# THE GREENS vs GREEN COMMUNITY



## dnn (May 29, 2010)

Hi, my family and I may be moving to Dubai due to work reasons. Am looking at accommodations...
1. Is THE GREENS and GREEN COMMUNITY the same residential area? 

2. If they are different areas, which is better for a family with 7 year old daughter and a pet cat? 

3. What is the rental rates in these areas?

4. Are these residential areas far from Dubai International airport? 

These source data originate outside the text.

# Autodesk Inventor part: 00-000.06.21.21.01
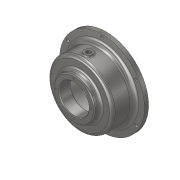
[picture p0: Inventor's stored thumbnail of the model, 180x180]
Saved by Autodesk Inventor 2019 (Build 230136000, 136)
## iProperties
Created: 2019-01
Part Number: 00-000.06.21.21.01
Material: Steel, Mild
Document SubType Name: Modeling
Designer: m.vorobev
Density: 7.85 g/cm^3
Appearance: Semi-Polished
Author: m.vorobev
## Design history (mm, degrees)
sketch "Sketch1"
  geometry: L1 (145, 0)-(100, 0); L2 (100, 0)-(100, 14); L3 (100, 14)-(145, 14); L4 (145, 14)-(145, 0); L5 (100, 14)-(110, 14); L6 (110, 14)-(110, 41); L7 (110, 41)-(100, 41); L8 (100, 41)-(100, 14); L9 (110, 41)-(100, 41); L10 (100, 41)-(100, 89); L11 (100, 89)-(110, 89); L12 (110, 89)-(110, 41); L13 (100, 89)-(70, 89); L14 (70, 89)-(70, 71); L15 (70, 71)-(100, 71); L16 (100, 71)-(100, 89); L17 (50, 70)-(70, 70); L18 (70, 70)-(70, 110); L19 (70, 110)-(50, 110); L20 (50, 110)-(50, 70); L21 (0, 0)-(19.228, 0); L22 (0, 36.823)-(0, 0); L23 (100, 0)-(125, 0); L24 (125, 0)-(125, 4); L25 (125, 4)-(100, 4); L26 (100, 4)-(100, 0); 1 further point
  constraints: 52 end point, 12 parallel, 7 horizontal, 6 perpendicular, 2 collinear, 1 horizontal alignment, 1 midpoint
  dimensions: "d0" = 290 diameter of L4 L22; "d1" = 220 diameter of L12 L22; "d2" = 140 diameter of L18 L22; "d3" = 200 diameter of L10 L22; "d4" = 14 distance of L3.end L1.start; "d5" = 75 distance between parallel lines of L13 L3; "d6" = 18 distance of L13.end L14.end; "d7" = 40 distance of L19.end L17.start; "d8" = 100 diameter of L20 L22; "d9" = 110 distance between parallel lines of L1 L19; "d11" = 4 distance of L23.end L24.end; "d12" = 250 diameter of L24.end L22
revolve "Revolution1" sketch "Sketch1" stored, may be unused: angle "d16" = 90 deg
fillet "Fillet1" dims "d17" = 10, "d18" = 15, "d19" = 3
chamfer "Chamfer1" distance "d20" = 3; stored, may be unused: second distance "d21" = 2, angle "d22" = 45 deg
chamfer "Chamfer2" distance "d23" = 2.5; stored, may be unused: second distance "d24" = 2, angle "d25" = 45 deg
sketch "Sketch2"
  geometry: L1 (43.589, 90)-(-43.589, 90); L2 (-43.589, 90)-(-43.589, 101.006); L3 (-43.589, 101.006)-(43.589, 101.006); L4 (43.589, 101.006)-(43.589, 90); A1 r 100 centre (0, 0) between (43.589, 90) and (-43.589, 90) reference; 1 further point
  constraints: 8 end point, 2 parallel, 2 point on circle, 1 horizontal, 1 perpendicular
  dimensions: "d27" = 90 distance from line of point (0, 0) L1
extrude "Extrusion1" join sketch "Sketch2" distance "d28" = 22; taper "d29" = 0 deg
sketch "Sketch3"
  geometry: L1 (0, 0)-(87.178, 0) reference; 2 further points
  constraints: 1 midpoint
hole "Hole1" sketch "Sketch3" at (43.589, 0) diameter "d30" = 20; stored, may be unused: countersink angle "d34" = 90 deg, drill point angle "d36" = 118 deg; dims "d31" = 6, "d32" = 4, "d33" = 2, "d35" = 25
chamfer "Chamfer3" distance "d37" = 1; stored, may be unused: second distance "d38" = 2, angle "d39" = 45 deg
pattern_circular "Circular Pattern1" dims angle "d41" = 360 deg
sketch "Sketch4"
  geometry: L1 (104.836, 60)-(115, 60); L2 (115, 60)-(115, 46); L3 (115, 46)-(104.836, 46); L4 (104.836, 46)-(104.836, 60); L5 (125, 0)-(-125, 0) reference; 1 further point
  constraints: 8 end point, 2 parallel, 1 horizontal, 1 perpendicular
  dimensions: "d43" = 60 distance from line of L5 L1.end; "d44" = 28 diameter of L3 L1; "d45" = 115 distance from line of point (0, 0) L2
revolve "Revolution2" sketch "Sketch4" stored, may be unused: angle "d46" = 90 deg
sketch "Sketch5"
  geometry: C1 r 14 at (0, 0) reference; 2 further points
  constraints: 1 coincident
hole "Hole2" sketch "Sketch5" at (0, 0) diameter "d47" = 13.835; stored, may be unused: countersink angle "d51" = 90 deg, drill point angle "d53" = 118 deg; dims "d48" = 32, "d49" = 16, "d50" = 2, "d52" = 41.3
fillet "Fillet2" dims "d54" = 3
pattern_circular "Circular Pattern2" dims angle "d56" = 360 deg
sketch "Sketch6"
  geometry: L1 (0, 0)-(0, -60)
  constraints: 2 end point, 1 vertical
  dimensions: "d58" = 60 distance of L1.start L1.end
hole "Hole3" sketch "Sketch6" at (0, -60) diameter "d59" = 6.647; stored, may be unused: countersink angle "d63" = 90 deg, drill point angle "d65" = 118 deg; dims "d60" = 59.25, "d61" = 16, "d62" = 2, "d64" = 100.7
pattern_circular "Circular Pattern3" dims angle "d67" = 360 deg
sketch "Sketch7"
  geometry: L1 (0, 0)-(0, 135)
  constraints: 2 end point, 1 vertical
  dimensions: "d69" = 135 distance of L1.start L1.end
hole "Hole4" sketch "Sketch7" at (0, 135) diameter "d70" = 11; stored, may be unused: countersink angle "d74" = 90 deg, drill point angle "d76" = 118 deg; dims "d71" = 59.25, "d72" = 16, "d73" = 2, "d75" = 100.7
pattern_circular "Circular Pattern4" dims angle "d78" = 360 deg
sketch "Sketch8"
  geometry: L1 (87.178, 0)-(-5.485, 0); L2 (-5.485, 0)-(-5.485, -67.713); L3 (-5.485, -67.713)-(87.178, -67.713); L4 (87.178, -67.713)-(87.178, 0); C1 r 25 at (43.589, -26); 1 further point
  constraints: 8 end point, 2 parallel, 1 centre point, 1 coincident, 1 horizontal, 1 perpendicular
  dimensions: "d80" = 50 diameter of C1
extrude "Extrusion2" cut sketch "Sketch8" stored distance "d81" = 20; taper "d82" = 0 deg
pattern_circular "Circular Pattern5" dims angle "d84" = 360 deg
delete_face "Delete Face1"
delete_face "Delete Face2"
delete_face "Delete Face3"
delete_face "Delete Face4"
body "Solid1"

5. Would also appreciate any recommendations on good real estate agents. 

Cheers,
dnn


----------



## pamela0810 (Apr 5, 2010)

dnn said:


> Hi, my family and I may be moving to Dubai due to work reasons. Am looking at accommodations...
> 1. Is THE GREENS and GREEN COMMUNITY the same residential area? - *No, the Greens and The Green Community are completely different residential areas that are quite a distance apart.*
> 
> 2. If they are different areas, which is better for a family with 7 year old daughter and a pet cat? -* It actually depends on what you are looking for. The greens is an apartment complex, with lots of restaurants, cafes and supermarket.
> ...


Please see answers in bold. Wishing you all the very best with your move.


----------



## dizzyizzy (Mar 30, 2008)

Just to add to what Pamela said, The Green Community, although really nice for family living, is a longer drive than The Greens (which is a 5 minute drive to Internet City and maybe a 15 min. drive to DIFC). So it all depends on what you are looking for. If I had a family of let's say 2 kids and a dog and an SUV and wanted a house with a picket fence and suburbian life, I'd pick The Greeen Community  But if yo want to be a bit closer to the city then The Greens is better. FYI there are some new villas at The Greens too but I don't know how much they are going for, check Dubizzle for more details. Both areas are quite nice but as Pamela said it all depends on what you are looking for. Also consider that visitors parking at The Greens is a NIGHTMARE.


----------



## dnn (May 29, 2010)

*Thanks for the tips*

Hi Pamela0810,

Thanks for your prompt reply...your answers will keep us going in doing more research on living in Dubai. We've been there as tourists and loved it but of course living there will be different...we shall see.
Great tips on living in Dubai though...really appreciate them.

Cheers,
dnn


----------



## dnn (May 29, 2010)

*Thanks dizzyizzy*

Hi dizzyizzy,

Great add on tips to Pamela0810 answers...really appreciate them. Will go through all the recommended sites.

Cheers,
dnn


----------



## dnn (May 29, 2010)

Hi

Its us again...any other recommendations for accommodations apart from The Greens or Green Community.

We're looking for...

1. Either house / villa or apartments that is very accessible to malls and schools (we don't drive)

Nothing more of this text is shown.